The horse has already bolted when it comes to AI in music. Tools like Suno can generate full songs, backing, melody, vocals, from a short text prompt, (and give you the stems) and they’re already in the hands of bedroom producers and ad agencies.
Using The Beatles as an example, because why not:
Imagine a system trained only on music up to 1966. Feed it the Beatles’ catalogue up to that point and say, “Write the next Beatles song.” What you’d get would sound far closer to something from the Red Album era than anything on the Blue Album.
That’s because these models learn patterns from existing material and recombine them in plausible ways. They’re excellent at imitation, pastiche, and interpolation, but they don’t experience the cultural shocks, new instruments, studio breakthroughs, or interpersonal dynamics that pushed the Beatles from early singles into the Sgt. Pepper/Abbey Road period.
From a business perspective, that’s not necessarily a problem. Plenty of genres run on “don’t scare the fans,” and production music for TV, film, and ads often just needs to hit a familiar brief. For that world, a machine that can churn out convincing, on‑brand material forever is close to ideal. AI is here to stay, and it will dominate the “we need something that sounds like X” space.

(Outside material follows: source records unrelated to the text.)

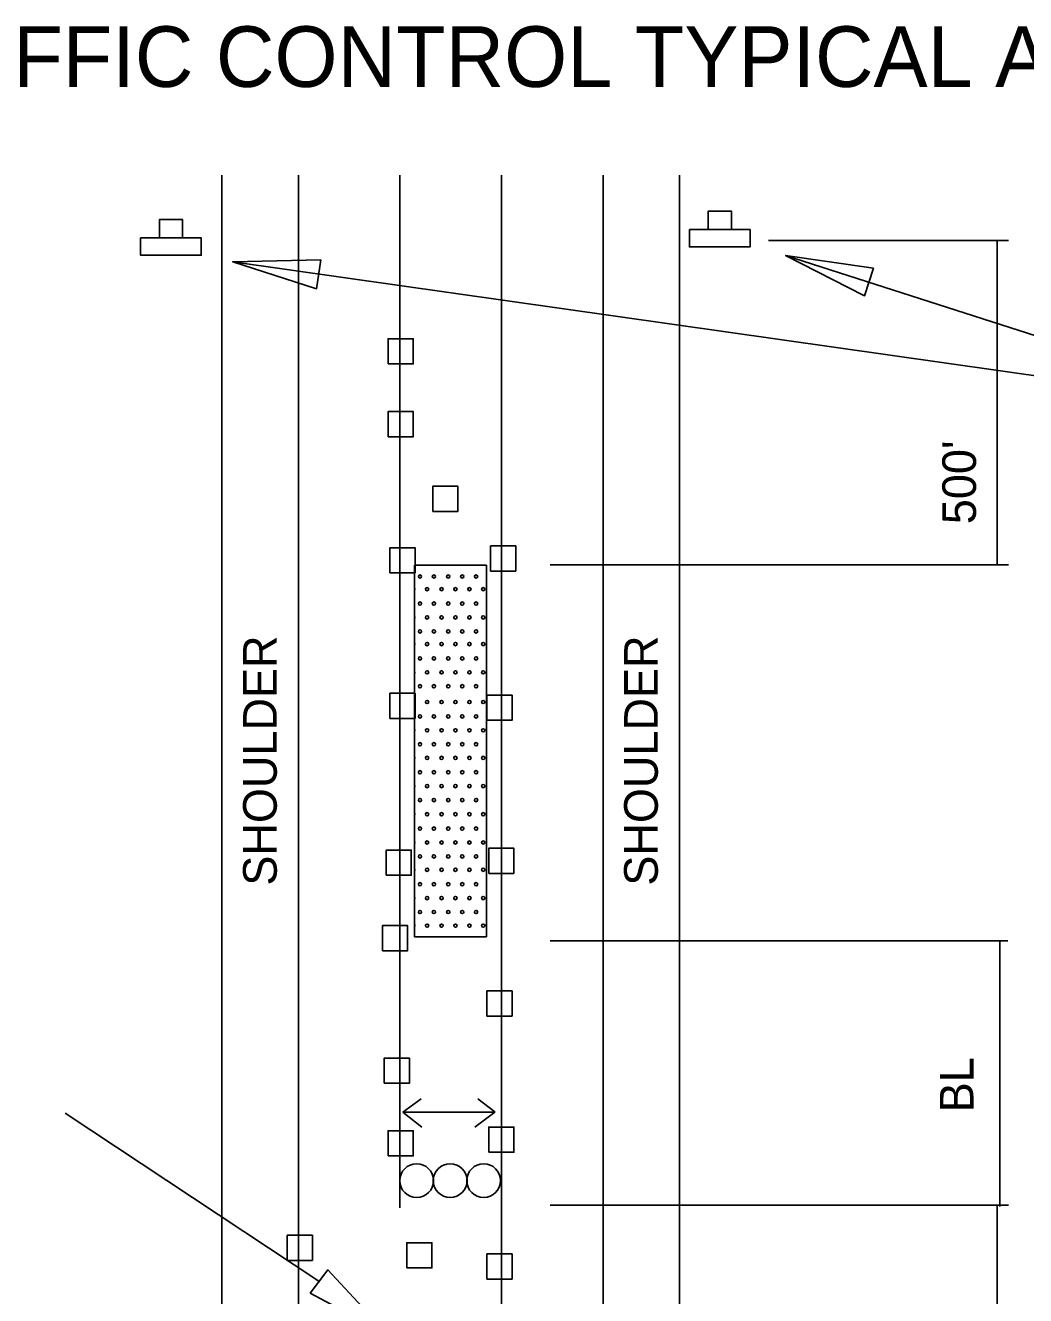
# Model space of a CAD drawing. Extents: x 1531.4 to 1538.58, y 1529.59 to 1539.33.
# Drawn here: x 1534.008 to 1535.789, y 1537.071 to 1539.335 of the extents above; entities that cross this region are included whole.
import ezdxf

# ---------------------------------------------------------------- set-up
doc = ezdxf.new("R2010")
doc.units = 0
for name, color, linetype in [('DETL-DIMS', 7, 'Continuous'), ('DETL-LINE', 7, 'Continuous'), ('DETL-NOTE', 7, 'Continuous'), ('DETL-TITL', 7, 'Continuous'), ('USER-BORD', 7, 'Continuous')]:
    doc.layers.add(name, color=color, linetype=linetype)

# ---------------------------------------------------------------- blocks, each defined once
blk = doc.blocks.new('PANEL0')
at = {"layer": 'USER-BORD'}
for centre in [(0.00309, -0.00012), (0.00928, -0.00012), (0.01546, -0.00012)]:
    blk.add_circle(centre, 0.00312, dxfattribs=at)

msp = doc.modelspace()

# ---------------------------------------------------------------- linework, layer by layer
at = {"layer": 'DETL-DIMS'}
for p, q in [((1535.3312, 1538.9514), (1535.7588, 1538.9514)), ((1535.739, 1538.9514), (1535.739, 1538.3736)), ((1535.362, 1538.9247), (1535.8708, 1538.7611)), ((1534.3772, 1538.9135), (1536.1963, 1538.6552)), ((1534.9428, 1538.3736), (1535.7588, 1538.3736)), ((1534.9428, 1537.7036), (1535.758, 1537.7036)), ((1535.7433, 1537.7036), (1535.7433, 1537.23)), ((1534.5321, 1537.0956), (1534.0784, 1537.3962)), ((1534.9428, 1537.2326), (1535.7588, 1537.2326)), ((1535.739, 1536.7864), (1535.739, 1537.2326))]:
    msp.add_line(p, q, dxfattribs=at)
for points in [[(1535.5183, 1538.9021), (1535.5025, 1538.8529), (1535.362, 1538.9247)], [(1534.5339, 1538.917), (1534.5262, 1538.8653), (1534.3772, 1538.9135)], [(1534.5148, 1537.0758), (1534.5467, 1537.1172), (1534.6535, 1537.0018)]]:
    msp.add_lwpolyline(points, close=True, dxfattribs=at)
at = {"layer": 'DETL-LINE'}
for p, q in [((1534.3579, 1539.0677), (1534.3579, 1532.0386)), ((1534.4942, 1539.0677), (1534.4942, 1532.8569)), ((1534.675, 1539.0677), (1534.675, 1537.2274)), ((1534.8559, 1539.0677), (1534.8559, 1532.8233)), ((1535.0367, 1539.0677), (1535.0367, 1532.8569)), ((1535.173, 1539.0677), (1535.173, 1532.0854)), ((1534.8292, 1538.3728), (1534.7009, 1538.3728)), ((1534.7009, 1538.3728), (1534.7009, 1537.7105)), ((1534.8292, 1538.3728), (1534.7009, 1538.3728)), ((1534.7009, 1538.3728), (1534.7009, 1537.7105)), ((1534.8292, 1537.7105), (1534.8292, 1538.3728)), ((1534.8292, 1537.7105), (1534.8292, 1538.3728)), ((1534.7106, 1538.3526), (1534.7106, 1538.3526)), ((1534.7106, 1538.3526), (1534.7106, 1538.3526)), ((1534.7354, 1538.3526), (1534.7354, 1538.3526)), ((1534.7354, 1538.3526), (1534.7354, 1538.3526)), ((1534.761, 1538.3526), (1534.761, 1538.3526)), ((1534.761, 1538.3526), (1534.761, 1538.3526)), ((1534.7858, 1538.3526), (1534.7858, 1538.3526)), ((1534.7858, 1538.3526), (1534.7858, 1538.3526)), ((1534.8106, 1538.3526), (1534.8106, 1538.3526)), ((1534.8106, 1538.3526), (1534.8106, 1538.3526)), ((1534.7234, 1538.33), (1534.7234, 1538.33)), ((1534.7234, 1538.33), (1534.7234, 1538.33)), ((1534.7482, 1538.33), (1534.7482, 1538.33)), ((1534.749, 1538.33), (1534.749, 1538.33)), ((1534.773, 1538.33), (1534.773, 1538.33)), ((1534.7738, 1538.33), (1534.7738, 1538.33)), ((1534.7978, 1538.33), (1534.7978, 1538.33)), ((1534.7986, 1538.33), (1534.7986, 1538.33)), ((1534.8234, 1538.33), (1534.8234, 1538.33)), ((1534.8234, 1538.33), (1534.8234, 1538.33)), ((1534.7106, 1538.3044), (1534.7106, 1538.3044)), ((1534.7354, 1538.3044), (1534.7354, 1538.3044)), ((1534.761, 1538.3044), (1534.761, 1538.3044)), ((1534.7858, 1538.3044), (1534.7858, 1538.3044)), ((1534.8106, 1538.3044), (1534.8106, 1538.3044)), ((1534.4942, 1538.2728), (1534.4942, 1532.062)), ((1534.7234, 1538.2796), (1534.7234, 1538.2796)), ((1534.7234, 1538.2796), (1534.7234, 1538.2796)), ((1534.7482, 1538.2796), (1534.7482, 1538.2796)), ((1534.749, 1538.2796), (1534.749, 1538.2796)), ((1534.773, 1538.2796), (1534.773, 1538.2796)), ((1534.7738, 1538.2796), (1534.7738, 1538.2796)), ((1534.7978, 1538.2796), (1534.7978, 1538.2796)), ((1534.7986, 1538.2796), (1534.7986, 1538.2796)), ((1534.8234, 1538.2796), (1534.8234, 1538.2796)), ((1534.8234, 1538.2796), (1534.8234, 1538.2796)), ((1535.0367, 1538.2728), (1535.0367, 1532.062)), ((1535.173, 1538.2844), (1535.173, 1532.2515)), ((1535.173, 1538.2728), (1535.173, 1532.0386)), ((1534.4942, 1538.261), (1534.4942, 1532.0502)), ((1534.4942, 1538.2494), (1534.4942, 1532.0386)), ((1534.7106, 1538.2548), (1534.7106, 1538.2548)), ((1534.7106, 1538.2548), (1534.7106, 1538.2548)), ((1534.7354, 1538.2548), (1534.7354, 1538.2548)), ((1534.7354, 1538.2548), (1534.7354, 1538.2548)), ((1534.761, 1538.2548), (1534.761, 1538.2548)), ((1534.761, 1538.2548), (1534.761, 1538.2548)), ((1534.7858, 1538.2548), (1534.7858, 1538.2548)), ((1534.7858, 1538.2548), (1534.7858, 1538.2548)), ((1534.8106, 1538.2548), (1534.8106, 1538.2548)), ((1534.8106, 1538.2548), (1534.8106, 1538.2548)), ((1534.8559, 1538.261), (1534.8559, 1532.0166)), ((1535.0367, 1538.261), (1535.0367, 1532.0502)), ((1535.0367, 1538.2494), (1535.0367, 1532.0386)), ((1534.7234, 1538.2322), (1534.7234, 1538.2322)), ((1534.7234, 1538.2322), (1534.7234, 1538.2322)), ((1534.7482, 1538.2322), (1534.7482, 1538.2322)), ((1534.749, 1538.2322), (1534.749, 1538.2322)), ((1534.773, 1538.2322), (1534.773, 1538.2322)), ((1534.7738, 1538.2322), (1534.7738, 1538.2322)), ((1534.7978, 1538.2322), (1534.7978, 1538.2322)), ((1534.7986, 1538.2322), (1534.7986, 1538.2322)), ((1534.8234, 1538.2322), (1534.8234, 1538.2322)), ((1534.8234, 1538.2322), (1534.8234, 1538.2322)), ((1534.7106, 1538.2066), (1534.7106, 1538.2066)), ((1534.7354, 1538.2066), (1534.7354, 1538.2066)), ((1534.761, 1538.2066), (1534.761, 1538.2066)), ((1534.7858, 1538.2066), (1534.7858, 1538.2066)), ((1534.8106, 1538.2066), (1534.8106, 1538.2066)), ((1534.7234, 1538.1818), (1534.7234, 1538.1818)), ((1534.7234, 1538.1818), (1534.7234, 1538.1818)), ((1534.7482, 1538.1818), (1534.7482, 1538.1818)), ((1534.749, 1538.1818), (1534.749, 1538.1818)), ((1534.773, 1538.1818), (1534.773, 1538.1818)), ((1534.7738, 1538.1818), (1534.7738, 1538.1818)), ((1534.7978, 1538.1818), (1534.7978, 1538.1818)), ((1534.7986, 1538.1818), (1534.7986, 1538.1818)), ((1534.8234, 1538.1818), (1534.8234, 1538.1818)), ((1534.8234, 1538.1818), (1534.8234, 1538.1818)), ((1534.7106, 1538.157), (1534.7106, 1538.157)), ((1534.7106, 1538.157), (1534.7106, 1538.157)), ((1534.7354, 1538.157), (1534.7354, 1538.157)), ((1534.7354, 1538.157), (1534.7354, 1538.157)), ((1534.761, 1538.157), (1534.761, 1538.157)), ((1534.761, 1538.157), (1534.761, 1538.157)), ((1534.7858, 1538.157), (1534.7858, 1538.157)), ((1534.7858, 1538.157), (1534.7858, 1538.157)), ((1534.8106, 1538.157), (1534.8106, 1538.157)), ((1534.8106, 1538.157), (1534.8106, 1538.157)), ((1534.7234, 1538.129), (1534.7234, 1538.129)), ((1534.7234, 1538.129), (1534.7234, 1538.129)), ((1534.7482, 1538.129), (1534.7482, 1538.129)), ((1534.749, 1538.129), (1534.749, 1538.129)), ((1534.773, 1538.129), (1534.773, 1538.129)), ((1534.7738, 1538.129), (1534.7738, 1538.129)), ((1534.7978, 1538.129), (1534.7978, 1538.129)), ((1534.7986, 1538.129), (1534.7986, 1538.129)), ((1534.8234, 1538.129), (1534.8234, 1538.129)), ((1534.8234, 1538.129), (1534.8234, 1538.129)), ((1534.7106, 1538.1034), (1534.7106, 1538.1034)), ((1534.7354, 1538.1034), (1534.7354, 1538.1034)), ((1534.761, 1538.1034), (1534.761, 1538.1034)), ((1534.7858, 1538.1034), (1534.7858, 1538.1034)), ((1534.8106, 1538.1034), (1534.8106, 1538.1034)), ((1534.7234, 1538.0786), (1534.7234, 1538.0786)), ((1534.7234, 1538.0786), (1534.7234, 1538.0786)), ((1534.7482, 1538.0786), (1534.7482, 1538.0786)), ((1534.749, 1538.0786), (1534.749, 1538.0786)), ((1534.773, 1538.0786), (1534.773, 1538.0786)), ((1534.7738, 1538.0786), (1534.7738, 1538.0786)), ((1534.7978, 1538.0786), (1534.7978, 1538.0786)), ((1534.7986, 1538.0786), (1534.7986, 1538.0786)), ((1534.8234, 1538.0786), (1534.8234, 1538.0786)), ((1534.8234, 1538.0786), (1534.8234, 1538.0786)), ((1534.7106, 1538.0538), (1534.7106, 1538.0538)), ((1534.7106, 1538.0538), (1534.7106, 1538.0538)), ((1534.7354, 1538.0538), (1534.7354, 1538.0538)), ((1534.7354, 1538.0538), (1534.7354, 1538.0538)), ((1534.761, 1538.0538), (1534.761, 1538.0538)), ((1534.761, 1538.0538), (1534.761, 1538.0538)), ((1534.7858, 1538.0538), (1534.7858, 1538.0538)), ((1534.7858, 1538.0538), (1534.7858, 1538.0538)), ((1534.8106, 1538.0538), (1534.8106, 1538.0538)), ((1534.8106, 1538.0538), (1534.8106, 1538.0538)), ((1534.7234, 1538.0295), (1534.7234, 1538.0295)), ((1534.7234, 1538.0295), (1534.7234, 1538.0295)), ((1534.7482, 1538.0295), (1534.7482, 1538.0295)), ((1534.749, 1538.0295), (1534.749, 1538.0295)), ((1534.773, 1538.0295), (1534.773, 1538.0295)), ((1534.7738, 1538.0295), (1534.7738, 1538.0295)), ((1534.7978, 1538.0295), (1534.7978, 1538.0295)), ((1534.7986, 1538.0295), (1534.7986, 1538.0295)), ((1534.8234, 1538.0295), (1534.8234, 1538.0295)), ((1534.8234, 1538.0295), (1534.8234, 1538.0295)), ((1534.7106, 1538.0039), (1534.7106, 1538.0039)), ((1534.7354, 1538.0039), (1534.7354, 1538.0039)), ((1534.761, 1538.0039), (1534.761, 1538.0039)), ((1534.7858, 1538.0039), (1534.7858, 1538.0039)), ((1534.8106, 1538.0039), (1534.8106, 1538.0039)), ((1534.7234, 1537.9791), (1534.7234, 1537.9791)), ((1534.7234, 1537.9791), (1534.7234, 1537.9791)), ((1534.7482, 1537.9791), (1534.7482, 1537.9791)), ((1534.749, 1537.9791), (1534.749, 1537.9791)), ((1534.773, 1537.9791), (1534.773, 1537.9791)), ((1534.7738, 1537.9791), (1534.7738, 1537.9791)), ((1534.7978, 1537.9791), (1534.7978, 1537.9791)), ((1534.7986, 1537.9791), (1534.7986, 1537.9791)), ((1534.8234, 1537.9791), (1534.8234, 1537.9791)), ((1534.8234, 1537.9791), (1534.8234, 1537.9791)), ((1534.7106, 1537.9543), (1534.7106, 1537.9543)), ((1534.7106, 1537.9543), (1534.7106, 1537.9543)), ((1534.7354, 1537.9543), (1534.7354, 1537.9543)), ((1534.7354, 1537.9543), (1534.7354, 1537.9543)), ((1534.761, 1537.9543), (1534.761, 1537.9543)), ((1534.761, 1537.9543), (1534.761, 1537.9543)), ((1534.7858, 1537.9543), (1534.7858, 1537.9543)), ((1534.7858, 1537.9543), (1534.7858, 1537.9543)), ((1534.8106, 1537.9543), (1534.8106, 1537.9543)), ((1534.8106, 1537.9543), (1534.8106, 1537.9543)), ((1534.7234, 1537.929), (1534.7234, 1537.929)), ((1534.7234, 1537.929), (1534.7234, 1537.929)), ((1534.7482, 1537.929), (1534.7482, 1537.929)), ((1534.749, 1537.929), (1534.749, 1537.929)), ((1534.773, 1537.929), (1534.773, 1537.929)), ((1534.7738, 1537.929), (1534.7738, 1537.929)), ((1534.7978, 1537.929), (1534.7978, 1537.929)), ((1534.7986, 1537.929), (1534.7986, 1537.929)), ((1534.8234, 1537.929), (1534.8234, 1537.929)), ((1534.8234, 1537.929), (1534.8234, 1537.929)), ((1534.7106, 1537.9034), (1534.7106, 1537.9034)), ((1534.7354, 1537.9034), (1534.7354, 1537.9034)), ((1534.761, 1537.9034), (1534.761, 1537.9034)), ((1534.7858, 1537.9034), (1534.7858, 1537.9034)), ((1534.8106, 1537.9034), (1534.8106, 1537.9034)), ((1534.7234, 1537.8786), (1534.7234, 1537.8786)), ((1534.7234, 1537.8786), (1534.7234, 1537.8786)), ((1534.7482, 1537.8786), (1534.7482, 1537.8786)), ((1534.749, 1537.8786), (1534.749, 1537.8786)), ((1534.773, 1537.8786), (1534.773, 1537.8786)), ((1534.7738, 1537.8786), (1534.7738, 1537.8786)), ((1534.7978, 1537.8786), (1534.7978, 1537.8786)), ((1534.7986, 1537.8786), (1534.7986, 1537.8786)), ((1534.8234, 1537.8786), (1534.8234, 1537.8786)), ((1534.8234, 1537.8786), (1534.8234, 1537.8786)), ((1534.7106, 1537.8538), (1534.7106, 1537.8538)), ((1534.7106, 1537.8538), (1534.7106, 1537.8538)), ((1534.7354, 1537.8538), (1534.7354, 1537.8538)), ((1534.7354, 1537.8538), (1534.7354, 1537.8538)), ((1534.761, 1537.8538), (1534.761, 1537.8538)), ((1534.761, 1537.8538), (1534.761, 1537.8538)), ((1534.7858, 1537.8538), (1534.7858, 1537.8538)), ((1534.7858, 1537.8538), (1534.7858, 1537.8538)), ((1534.8106, 1537.8538), (1534.8106, 1537.8538)), ((1534.8106, 1537.8538), (1534.8106, 1537.8538)), ((1534.7234, 1537.83), (1534.7234, 1537.83)), ((1534.7234, 1537.83), (1534.7234, 1537.83)), ((1534.7482, 1537.83), (1534.7482, 1537.83)), ((1534.749, 1537.83), (1534.749, 1537.83)), ((1534.773, 1537.83), (1534.773, 1537.83)), ((1534.7738, 1537.83), (1534.7738, 1537.83)), ((1534.7978, 1537.83), (1534.7978, 1537.83)), ((1534.7986, 1537.83), (1534.7986, 1537.83)), ((1534.8234, 1537.83), (1534.8234, 1537.83)), ((1534.8234, 1537.83), (1534.8234, 1537.83)), ((1534.7106, 1537.8044), (1534.7106, 1537.8044)), ((1534.7354, 1537.8044), (1534.7354, 1537.8044)), ((1534.761, 1537.8044), (1534.761, 1537.8044)), ((1534.7858, 1537.8044), (1534.7858, 1537.8044)), ((1534.8106, 1537.8044), (1534.8106, 1537.8044)), ((1534.7234, 1537.7796), (1534.7234, 1537.7796)), ((1534.7234, 1537.7796), (1534.7234, 1537.7796)), ((1534.7482, 1537.7796), (1534.7482, 1537.7796)), ((1534.749, 1537.7796), (1534.749, 1537.7796)), ((1534.773, 1537.7796), (1534.773, 1537.7796)), ((1534.7738, 1537.7796), (1534.7738, 1537.7796)), ((1534.7978, 1537.7796), (1534.7978, 1537.7796)), ((1534.7986, 1537.7796), (1534.7986, 1537.7796)), ((1534.8234, 1537.7796), (1534.8234, 1537.7796)), ((1534.8234, 1537.7796), (1534.8234, 1537.7796)), ((1534.7106, 1537.7548), (1534.7106, 1537.7548)), ((1534.7106, 1537.7548), (1534.7106, 1537.7548)), ((1534.7354, 1537.7548), (1534.7354, 1537.7548)), ((1534.7354, 1537.7548), (1534.7354, 1537.7548)), ((1534.761, 1537.7548), (1534.761, 1537.7548)), ((1534.761, 1537.7548), (1534.761, 1537.7548)), ((1534.7858, 1537.7548), (1534.7858, 1537.7548)), ((1534.7858, 1537.7548), (1534.7858, 1537.7548)), ((1534.8106, 1537.7548), (1534.8106, 1537.7548)), ((1534.8106, 1537.7548), (1534.8106, 1537.7548)), ((1534.7234, 1537.7304), (1534.7234, 1537.7304)), ((1534.7234, 1537.7304), (1534.7234, 1537.7304)), ((1534.7482, 1537.7304), (1534.7482, 1537.7304)), ((1534.749, 1537.7304), (1534.749, 1537.7304)), ((1534.773, 1537.7304), (1534.773, 1537.7304)), ((1534.7738, 1537.7304), (1534.7738, 1537.7304)), ((1534.7978, 1537.7304), (1534.7978, 1537.7304)), ((1534.7986, 1537.7304), (1534.7986, 1537.7304)), ((1534.8234, 1537.7304), (1534.8234, 1537.7304)), ((1534.8234, 1537.7304), (1534.8234, 1537.7304)), ((1534.7009, 1537.7105), (1534.8292, 1537.7105)), ((1534.7009, 1537.7105), (1534.8292, 1537.7105)), ((1534.6802, 1537.3979), (1534.7129, 1537.422)), ((1534.8438, 1537.3988), (1534.8137, 1537.422)), ((1534.6802, 1537.3979), (1534.7138, 1537.3712)), ((1534.6811, 1537.3979), (1534.8447, 1537.3979)), ((1534.8438, 1537.3979), (1534.8085, 1537.3712))]:
    msp.add_line(p, q, dxfattribs=at)
for points in [[(1535.2241, 1538.9708), (1535.2654, 1538.9708), (1535.2654, 1539.0036), (1535.2241, 1539.0036)], [(1534.2465, 1538.956), (1534.2878, 1538.956), (1534.2878, 1538.9887), (1534.2465, 1538.9887)], [(1535.1905, 1538.9708), (1535.1905, 1538.94), (1535.2987, 1538.94), (1535.2987, 1538.9708)], [(1534.2129, 1538.956), (1534.2129, 1538.9251), (1534.3211, 1538.9251), (1534.3211, 1538.956)], [(1534.6537, 1538.7314), (1534.6985, 1538.7314), (1534.6985, 1538.7762), (1534.6537, 1538.7762)], [(1534.6537, 1538.6017), (1534.6985, 1538.6017), (1534.6985, 1538.6465), (1534.6537, 1538.6465)], [(1534.7335, 1538.4687), (1534.7783, 1538.4687), (1534.7783, 1538.5135), (1534.7335, 1538.5135)], [(1534.6571, 1538.359), (1534.7019, 1538.359), (1534.7019, 1538.4038), (1534.6571, 1538.4038)], [(1534.8365, 1538.3623), (1534.8813, 1538.3623), (1534.8813, 1538.4071), (1534.8365, 1538.4071)], [(1534.6571, 1538.0996), (1534.7019, 1538.0996), (1534.7019, 1538.1444), (1534.6571, 1538.1444)], [(1534.8298, 1538.0963), (1534.8746, 1538.0963), (1534.8746, 1538.1411), (1534.8298, 1538.1411)], [(1534.6504, 1537.8203), (1534.6952, 1537.8203), (1534.6952, 1537.8651), (1534.6504, 1537.8651)], [(1534.8331, 1537.8236), (1534.8779, 1537.8236), (1534.8779, 1537.8684), (1534.8331, 1537.8684)], [(1534.6438, 1537.6858), (1534.6886, 1537.6858), (1534.6886, 1537.7306), (1534.6438, 1537.7306)], [(1534.8298, 1537.5694), (1534.8746, 1537.5694), (1534.8746, 1537.6142), (1534.8298, 1537.6142)], [(1534.6471, 1537.4497), (1534.6919, 1537.4497), (1534.6919, 1537.4945), (1534.6471, 1537.4945)], [(1534.6537, 1537.32), (1534.6985, 1537.32), (1534.6985, 1537.3648), (1534.6537, 1537.3648)], [(1534.8331, 1537.3267), (1534.8779, 1537.3267), (1534.8779, 1537.3715), (1534.8331, 1537.3715)], [(1534.4743, 1537.1338), (1534.5191, 1537.1338), (1534.5191, 1537.1786), (1534.4743, 1537.1786)], [(1534.687, 1537.1205), (1534.7318, 1537.1205), (1534.7318, 1537.1653), (1534.687, 1537.1653)], [(1534.8298, 1537.1006), (1534.8746, 1537.1006), (1534.8746, 1537.1454), (1534.8298, 1537.1454)]]:
    msp.add_lwpolyline(points, close=True, dxfattribs=at)
for points in [[(1534.675, 1538.8877), (1534.675, 1538.7677)], [(1534.8559, 1538.8877), (1534.8559, 1538.7677)], [(1534.675, 1538.4077), (1534.675, 1538.2877)], [(1534.8559, 1538.4077), (1534.8559, 1538.2877)], [(1534.7009, 1538.3318), (1534.7009, 1538.3282)], [(1534.7009, 1538.2814), (1534.7009, 1538.2778)], [(1534.7009, 1538.234), (1534.7009, 1538.2304)], [(1534.7009, 1538.1836), (1534.7009, 1538.18)], [(1534.7009, 1538.1307), (1534.7009, 1538.1271)], [(1534.7009, 1538.0803), (1534.7009, 1538.0767)], [(1534.7009, 1538.0312), (1534.7009, 1538.0276)], [(1534.7009, 1537.9808), (1534.7009, 1537.9772)], [(1534.675, 1537.9277), (1534.675, 1537.8077)], [(1534.7009, 1537.9308), (1534.7009, 1537.9272)], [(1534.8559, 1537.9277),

The real question is this: AI can remix what it has seen in novel combinations, but that’s not the same as being part of a scene, reacting to new technology, or four humans in a room pushing each other somewhere unexpected. Will these systems ever produce the equivalent of the Blue years, those left‑turns where a band invents a new sound rather than iterating on the old one? Imitation is easy. Evolution is the hard part.
TL:DR current AI excels at stylistic imitation rather than genuine artistic evolution.